START Records to use
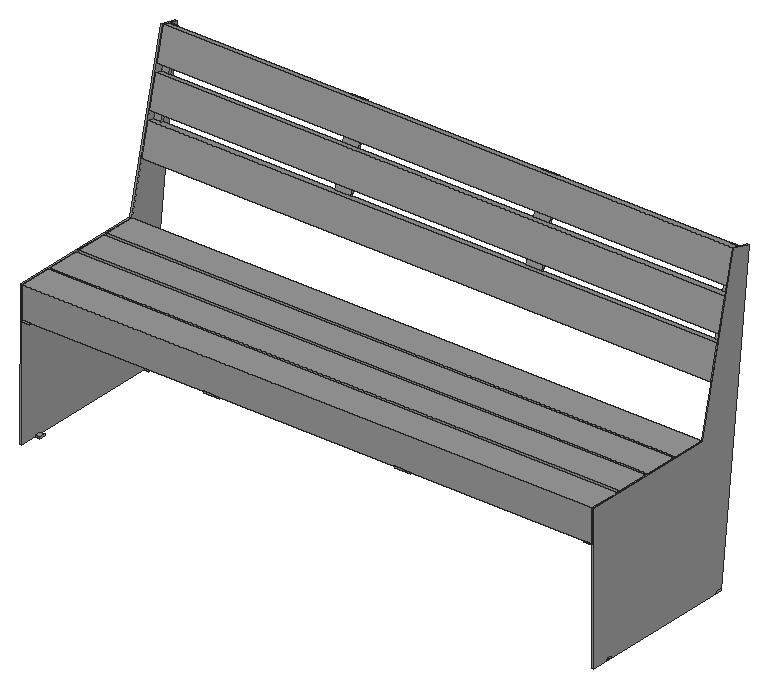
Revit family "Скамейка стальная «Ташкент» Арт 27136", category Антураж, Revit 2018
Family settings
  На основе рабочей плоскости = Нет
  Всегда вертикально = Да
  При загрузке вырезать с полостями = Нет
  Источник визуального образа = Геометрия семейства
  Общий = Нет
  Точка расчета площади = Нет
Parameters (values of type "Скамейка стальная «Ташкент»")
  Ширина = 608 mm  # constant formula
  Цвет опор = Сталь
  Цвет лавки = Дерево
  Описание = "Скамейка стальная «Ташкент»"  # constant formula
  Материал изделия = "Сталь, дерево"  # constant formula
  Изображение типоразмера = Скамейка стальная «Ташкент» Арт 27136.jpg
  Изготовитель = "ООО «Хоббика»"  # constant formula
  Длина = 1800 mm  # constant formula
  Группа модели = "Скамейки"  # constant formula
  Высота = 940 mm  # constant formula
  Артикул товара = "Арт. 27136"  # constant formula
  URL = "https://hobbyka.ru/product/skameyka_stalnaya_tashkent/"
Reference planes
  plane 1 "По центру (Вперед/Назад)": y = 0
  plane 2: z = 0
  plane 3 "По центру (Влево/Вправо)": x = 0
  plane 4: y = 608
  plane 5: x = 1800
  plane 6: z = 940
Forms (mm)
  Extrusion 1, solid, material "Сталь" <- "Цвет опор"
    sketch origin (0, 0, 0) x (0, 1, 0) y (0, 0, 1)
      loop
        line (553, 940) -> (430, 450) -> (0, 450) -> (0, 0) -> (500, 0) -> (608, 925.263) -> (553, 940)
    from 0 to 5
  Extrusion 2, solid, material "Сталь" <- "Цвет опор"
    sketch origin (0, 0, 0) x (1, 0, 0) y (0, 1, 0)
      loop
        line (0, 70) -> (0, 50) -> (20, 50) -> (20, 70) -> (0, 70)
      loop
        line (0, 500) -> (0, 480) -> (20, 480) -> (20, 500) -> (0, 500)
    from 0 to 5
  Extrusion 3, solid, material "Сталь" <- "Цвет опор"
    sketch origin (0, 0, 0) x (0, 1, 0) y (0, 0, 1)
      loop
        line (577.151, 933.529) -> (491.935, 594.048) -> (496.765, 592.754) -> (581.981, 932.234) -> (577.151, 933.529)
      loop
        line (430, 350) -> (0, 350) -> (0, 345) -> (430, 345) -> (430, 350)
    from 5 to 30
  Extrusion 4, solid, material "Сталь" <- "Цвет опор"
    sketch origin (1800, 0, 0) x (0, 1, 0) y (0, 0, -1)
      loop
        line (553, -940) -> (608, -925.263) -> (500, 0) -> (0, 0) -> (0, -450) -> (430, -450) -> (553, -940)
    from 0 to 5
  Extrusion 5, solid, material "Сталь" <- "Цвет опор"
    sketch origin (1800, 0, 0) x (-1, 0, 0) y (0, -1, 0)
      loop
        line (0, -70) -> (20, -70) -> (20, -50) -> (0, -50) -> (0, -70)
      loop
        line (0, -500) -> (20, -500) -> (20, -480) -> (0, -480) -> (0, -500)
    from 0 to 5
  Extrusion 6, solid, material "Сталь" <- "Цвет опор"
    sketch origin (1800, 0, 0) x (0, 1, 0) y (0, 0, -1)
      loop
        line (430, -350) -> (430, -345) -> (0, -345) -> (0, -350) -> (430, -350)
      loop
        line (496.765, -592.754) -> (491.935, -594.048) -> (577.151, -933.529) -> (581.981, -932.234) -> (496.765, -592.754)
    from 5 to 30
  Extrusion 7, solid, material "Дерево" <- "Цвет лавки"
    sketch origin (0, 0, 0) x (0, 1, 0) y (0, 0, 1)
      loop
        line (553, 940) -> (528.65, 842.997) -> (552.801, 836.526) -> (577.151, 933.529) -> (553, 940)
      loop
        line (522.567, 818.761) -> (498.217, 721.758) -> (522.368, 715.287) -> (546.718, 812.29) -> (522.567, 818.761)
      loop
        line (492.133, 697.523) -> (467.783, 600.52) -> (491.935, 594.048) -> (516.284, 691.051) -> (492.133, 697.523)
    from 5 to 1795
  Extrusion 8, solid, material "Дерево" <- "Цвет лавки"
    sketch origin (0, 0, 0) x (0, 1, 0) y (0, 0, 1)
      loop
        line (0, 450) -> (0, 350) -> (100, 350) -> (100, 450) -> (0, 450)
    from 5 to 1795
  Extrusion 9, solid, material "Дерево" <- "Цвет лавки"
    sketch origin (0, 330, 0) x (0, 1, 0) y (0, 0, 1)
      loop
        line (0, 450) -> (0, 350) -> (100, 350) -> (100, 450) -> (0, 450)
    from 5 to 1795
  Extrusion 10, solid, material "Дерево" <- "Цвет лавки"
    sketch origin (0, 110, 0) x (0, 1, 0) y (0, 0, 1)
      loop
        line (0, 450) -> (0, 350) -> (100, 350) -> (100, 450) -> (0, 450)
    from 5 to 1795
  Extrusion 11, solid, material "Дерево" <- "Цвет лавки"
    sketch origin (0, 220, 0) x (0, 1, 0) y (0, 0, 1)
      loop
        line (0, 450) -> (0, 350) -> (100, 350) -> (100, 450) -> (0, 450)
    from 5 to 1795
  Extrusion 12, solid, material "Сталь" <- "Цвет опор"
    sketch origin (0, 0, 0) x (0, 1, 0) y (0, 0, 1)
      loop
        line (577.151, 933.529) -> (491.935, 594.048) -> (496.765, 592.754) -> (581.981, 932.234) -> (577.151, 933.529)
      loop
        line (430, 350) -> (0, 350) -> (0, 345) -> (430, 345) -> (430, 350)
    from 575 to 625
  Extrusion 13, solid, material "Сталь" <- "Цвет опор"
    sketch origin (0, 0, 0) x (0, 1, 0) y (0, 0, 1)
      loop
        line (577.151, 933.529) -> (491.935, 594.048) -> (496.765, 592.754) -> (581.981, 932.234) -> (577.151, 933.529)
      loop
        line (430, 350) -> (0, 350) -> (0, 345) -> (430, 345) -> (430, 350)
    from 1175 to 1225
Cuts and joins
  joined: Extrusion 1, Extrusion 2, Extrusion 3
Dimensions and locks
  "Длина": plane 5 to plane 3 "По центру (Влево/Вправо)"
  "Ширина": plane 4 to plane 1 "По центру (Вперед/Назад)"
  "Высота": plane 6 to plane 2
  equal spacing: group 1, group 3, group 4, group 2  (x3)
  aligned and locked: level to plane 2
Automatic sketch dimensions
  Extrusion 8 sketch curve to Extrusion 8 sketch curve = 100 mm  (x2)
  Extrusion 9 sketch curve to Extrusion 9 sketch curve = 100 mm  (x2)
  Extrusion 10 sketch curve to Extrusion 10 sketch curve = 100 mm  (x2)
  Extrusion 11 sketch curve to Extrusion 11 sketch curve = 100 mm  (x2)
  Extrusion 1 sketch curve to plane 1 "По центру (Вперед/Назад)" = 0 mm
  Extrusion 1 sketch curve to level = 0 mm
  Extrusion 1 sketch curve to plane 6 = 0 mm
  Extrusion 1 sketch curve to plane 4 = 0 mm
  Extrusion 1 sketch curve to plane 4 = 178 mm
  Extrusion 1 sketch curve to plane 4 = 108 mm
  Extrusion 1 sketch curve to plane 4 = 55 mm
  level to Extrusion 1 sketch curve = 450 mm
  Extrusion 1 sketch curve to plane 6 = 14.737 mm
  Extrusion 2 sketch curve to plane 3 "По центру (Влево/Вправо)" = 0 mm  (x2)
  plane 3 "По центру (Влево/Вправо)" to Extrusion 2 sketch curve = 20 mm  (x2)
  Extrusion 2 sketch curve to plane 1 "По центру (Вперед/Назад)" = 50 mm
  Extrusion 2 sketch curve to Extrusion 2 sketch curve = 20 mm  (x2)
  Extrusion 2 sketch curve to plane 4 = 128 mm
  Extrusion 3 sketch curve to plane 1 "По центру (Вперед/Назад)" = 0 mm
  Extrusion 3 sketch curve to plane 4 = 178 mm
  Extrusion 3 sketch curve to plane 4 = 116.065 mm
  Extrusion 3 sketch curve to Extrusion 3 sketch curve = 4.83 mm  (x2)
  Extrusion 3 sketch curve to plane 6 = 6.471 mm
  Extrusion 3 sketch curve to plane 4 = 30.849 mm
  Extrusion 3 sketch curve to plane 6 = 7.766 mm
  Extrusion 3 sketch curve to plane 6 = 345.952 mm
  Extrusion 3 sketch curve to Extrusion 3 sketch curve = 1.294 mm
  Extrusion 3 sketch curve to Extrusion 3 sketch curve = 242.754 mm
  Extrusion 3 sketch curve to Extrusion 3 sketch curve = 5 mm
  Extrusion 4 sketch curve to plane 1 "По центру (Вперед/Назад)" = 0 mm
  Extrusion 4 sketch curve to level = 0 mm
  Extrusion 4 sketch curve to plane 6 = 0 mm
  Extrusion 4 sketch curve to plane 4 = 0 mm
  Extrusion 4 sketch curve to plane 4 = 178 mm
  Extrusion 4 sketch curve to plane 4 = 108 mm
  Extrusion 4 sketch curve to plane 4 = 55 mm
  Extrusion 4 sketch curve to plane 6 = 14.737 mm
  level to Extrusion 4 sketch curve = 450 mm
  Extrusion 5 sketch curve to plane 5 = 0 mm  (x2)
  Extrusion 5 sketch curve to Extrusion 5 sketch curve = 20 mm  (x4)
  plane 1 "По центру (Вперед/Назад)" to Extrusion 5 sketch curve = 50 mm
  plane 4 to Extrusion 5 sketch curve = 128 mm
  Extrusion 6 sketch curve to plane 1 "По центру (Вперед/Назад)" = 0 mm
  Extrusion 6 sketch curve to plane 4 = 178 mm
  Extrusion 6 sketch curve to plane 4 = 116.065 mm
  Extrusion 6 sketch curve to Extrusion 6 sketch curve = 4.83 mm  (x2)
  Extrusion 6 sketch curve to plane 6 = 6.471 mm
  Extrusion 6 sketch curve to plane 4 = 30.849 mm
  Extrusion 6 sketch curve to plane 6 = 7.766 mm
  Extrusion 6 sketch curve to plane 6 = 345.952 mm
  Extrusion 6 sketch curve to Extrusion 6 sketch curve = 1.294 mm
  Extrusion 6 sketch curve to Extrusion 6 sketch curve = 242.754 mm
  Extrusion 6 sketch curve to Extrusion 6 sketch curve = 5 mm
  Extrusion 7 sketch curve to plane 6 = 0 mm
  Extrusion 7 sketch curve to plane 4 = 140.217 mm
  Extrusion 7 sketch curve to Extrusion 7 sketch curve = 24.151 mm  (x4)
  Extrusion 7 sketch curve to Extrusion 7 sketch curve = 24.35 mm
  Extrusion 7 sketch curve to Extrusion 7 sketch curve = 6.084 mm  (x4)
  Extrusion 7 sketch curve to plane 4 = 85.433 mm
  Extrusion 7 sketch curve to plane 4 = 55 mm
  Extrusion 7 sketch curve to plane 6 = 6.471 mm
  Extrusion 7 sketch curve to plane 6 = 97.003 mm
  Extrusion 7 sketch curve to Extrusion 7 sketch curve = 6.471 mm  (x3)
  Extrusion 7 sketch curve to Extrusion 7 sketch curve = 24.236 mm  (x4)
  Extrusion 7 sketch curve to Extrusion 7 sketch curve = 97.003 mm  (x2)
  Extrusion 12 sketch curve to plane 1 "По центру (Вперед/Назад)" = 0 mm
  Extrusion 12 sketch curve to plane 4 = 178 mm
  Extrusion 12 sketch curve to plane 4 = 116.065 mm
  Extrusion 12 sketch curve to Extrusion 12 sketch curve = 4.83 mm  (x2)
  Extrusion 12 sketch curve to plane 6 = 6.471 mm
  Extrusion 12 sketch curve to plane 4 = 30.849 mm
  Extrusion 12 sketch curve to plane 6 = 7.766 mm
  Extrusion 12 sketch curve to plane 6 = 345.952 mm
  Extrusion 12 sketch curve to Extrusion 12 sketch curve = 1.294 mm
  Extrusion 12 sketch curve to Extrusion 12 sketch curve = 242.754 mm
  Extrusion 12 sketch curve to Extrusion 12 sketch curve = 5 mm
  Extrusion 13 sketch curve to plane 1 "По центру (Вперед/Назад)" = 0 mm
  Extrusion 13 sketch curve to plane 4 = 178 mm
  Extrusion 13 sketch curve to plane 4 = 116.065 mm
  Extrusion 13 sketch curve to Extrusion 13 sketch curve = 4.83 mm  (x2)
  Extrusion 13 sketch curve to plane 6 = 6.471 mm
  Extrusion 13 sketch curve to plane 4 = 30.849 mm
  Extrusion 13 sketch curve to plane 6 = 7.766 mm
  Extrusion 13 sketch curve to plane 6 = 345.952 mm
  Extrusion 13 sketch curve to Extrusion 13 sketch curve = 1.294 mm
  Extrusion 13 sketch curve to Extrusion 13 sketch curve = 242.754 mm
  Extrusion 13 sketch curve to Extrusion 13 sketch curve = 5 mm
END Records to use
Instructions for the task
Where a line above contains the word "лавки", show that line.

Answer to this problem
  Цвет лавки = Дерево
  Extrusion 7, solid, material "Дерево" <- "Цвет лавки"
  Extrusion 8, solid, material "Дерево" <- "Цвет лавки"
  Extrusion 9, solid, material "Дерево" <- "Цвет лавки"
  Extrusion 10, solid, material "Дерево" <- "Цвет лавки"
  Extrusion 11, solid, material "Дерево" <- "Цвет лавки"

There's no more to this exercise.